Отец Феона. Тайна псалтыри

ОТЕ́Ц ФЕО́НА

Моему́ а́нгелу, мое́й жене́, посвяща́ется э́та кни́га!

Кни́га втора́я.

«Та́йна псалты́ри»

Проло́г

Ле́та 7042 от Сотворе́ния Ми́ра , зима́ на Устю́жской земле́ вы́далась осо́бенно суро́вой и до́лгой. В апре́ле ме́сяце ещё треща́ли лю́тые моро́зы. Снег лежа́л в два арши́на и не сошел да́же по́сле Вели́кого поста́, а ре́ки стоя́ли ско́ванные льдом до са́мой Тро́ицы. Старики́ кача́ли голова́ми и проро́чили беду́. По весне́ дозо́рные на́чали сообща́ть о ко́нных тата́рских разъе́здах, ма́лыми отря́дами ры́скающих по окру́ге. Ска́зывали, что иска́ли они́ та́йные тро́пы в леса́х и бро́ды на ре́ках, а помога́ли им ме́стные зыря́не не ши́бко «моско́вских» люде́й жа́ловавшие.

Па́ру лет наза́д каза́нцы уже́ приходи́ли к У́стюгу, нежда́нные. На Дымко́ве сожгли́ тогда́ две це́ркви и бо́лее семи́десяти крестья́нских дворо́в. Поглуми́лись тата́ры весьма́ свире́по. Пресы́тившись же кро́вью и добы́чей домо́й возвраща́лись уже́ че́рез Вя́тскую зе́млю. Но на реке́ Моломе под го́родом Коте́льничем угоди́ли в заса́ду ру́сского во́йска, перекры́вшего у́стье э́той реки́. Се́ча была́ жесто́кая. Из четырёх ты́сяч тата́р не уцеле́л никто́. Всех поруба́ли разъярённые вятча́не, помина́я им и пре́жние оби́ды, и ны́нешние преступле́ния. Убежа́ть удало́сь то́лько луговы́м череми́сам, бы́вшим с тата́рами, кото́рые леса́ми ушли́ к реке́ Пи́жме, в Каза́нские преде́лы.
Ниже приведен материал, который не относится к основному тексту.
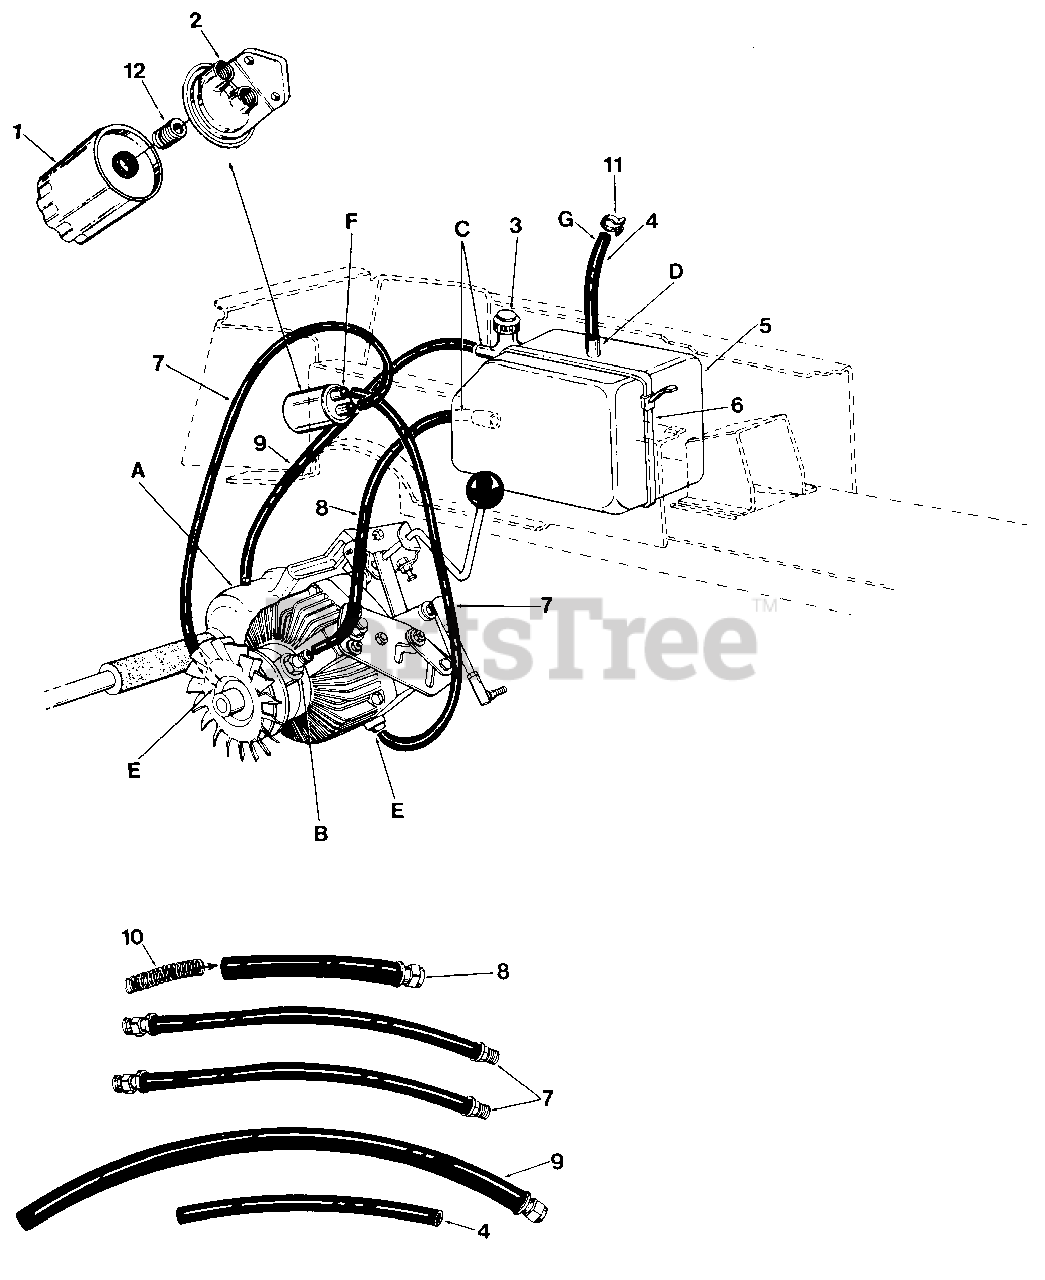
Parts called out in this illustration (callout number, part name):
1	Oil Filter
2	Filter Base
3	Oil Reservoir Cap
4	Gas Line 13" Lg.
5	Oil Reservoir
6	Cable Tie 34.25" Lg.
7	Hose Ass'y. 3/8" I.D. x 16.5" Lg.
8	Hose Ass'y. 518" I.D. x 9 Lg.
9	Hose Ass'y. 1/2" I.D.
11	Wire Retainer
12	Plug Expansion 13/16

Два го́да о тата́рах в э́тих края́х бы́ло не слы́шно, но их жда́ли. Понима́ли, что приду́т и принима́ли ме́ры. В счи́танные ме́сяцы подня́лись над го́родом но́вые сте́ны. Мо́щные и непреступные. Брать таки́е города́ тата́ры про́сто не уме́ли, но остава́лись ещё беззащи́тные поса́ды и многочи́сленные сёла, отстоя́щие от го́рода поро́й на со́тни вёрст. На́до бы́ло реша́ть, как спаса́ть крестья́н. А вре́мени остава́лось ма́ло. Зимо́й они́ не напа́ли. Ра́нней весно́й не пришли́, зна́чит пережида́ли конца́ полово́дья на ре́ках, когда́ больша́я вода́ бу́рным пото́ком поднима́лась на не́сколько са́женей, смыва́я на своём пути́ це́лые дере́вни со все́ми жильца́ми, ска́рбом и животи́ной. Идти́ в набе́г в тако́е вре́мя могли́ то́лько глупцы́, а тата́ры мо́жет и бы́ли сумасше́дшими, но уж глупца́ми не́ были то́чно.
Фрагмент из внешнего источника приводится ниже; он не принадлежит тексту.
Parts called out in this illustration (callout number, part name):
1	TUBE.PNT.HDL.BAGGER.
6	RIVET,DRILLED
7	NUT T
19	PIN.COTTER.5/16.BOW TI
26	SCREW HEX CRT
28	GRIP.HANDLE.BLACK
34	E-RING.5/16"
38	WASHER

Они́ приду́т ле́том. Как саранча́, заполня́я собо́й всё простра́нство. Обходя́ стороно́й непристу́пные города́, не вступа́я в бой с ру́сскими воево́дами, выжига́я поса́ды и дере́вни. Гра́бя, наси́луя и убива́я.

Ещё до́лгих два деся́тка лет Моско́вское прави́тельство не могло́ усмири́ть свою́ мяте́жную, отложи́вшуюся «каза́нскую украи́ну», так сча́стливо замирённую не́когда вели́ким кня́зем Васи́лием III . Лишь по́лное присоедине́ние Каза́нского ха́нства смогло́ измени́ть обстано́вку на ю́жных и восто́чных рубежа́х ру́сского госуда́рства. Еди́ный строй вражде́бных ханств был разо́рван; за Каза́нью после́довала А́страхань, по́сле чего́ Ру́сское госуда́рство смогло́ наконе́ц сосредото́чить основны́е си́лы для борьбы́ с Кры́мским ха́нством. Но всё э́то бу́дет пото́м, а пока́…

Глава́ пе́рвая

Устю́жский наме́стник, степе́нный, ту́чный князь Михаи́л Дани́лович Щенятев сиде́л в све́тлой го́рнице за больши́м обе́денным столо́м и, ва́жно раздува́я щёки, стро́го смотре́л на свои́х домоча́дцев. По пра́вую ру́ку, ря́дом с ним, скро́мно сложи́в ладо́ни ло́дочкой сиде́ла его́ жена́ Мари́я Ива́новна, урождённая княжна́ Горба́тая-Шу́йская. Же́нщина была́ чем-то расстро́ена и́ли озабо́чена и не си́льно обраща́ла внима́ния на показну́ю суро́вость супру́га. Впро́чем, и сам он, отхлебну́в из сере́бряной ча́рки ста́вленого, сорокале́тнего мёда, разгла́дил седы́е усы́ и, кря́кнув от удово́льствия, рассла́блено отки́нулся на ла́вке, прислони́вшись к тёсаным и я́рко вы́крашенным до́скам стены́. Морщи́ны на его́ лице́ разгла́дились и от было́й суро́вости не оста́лось и сле́да.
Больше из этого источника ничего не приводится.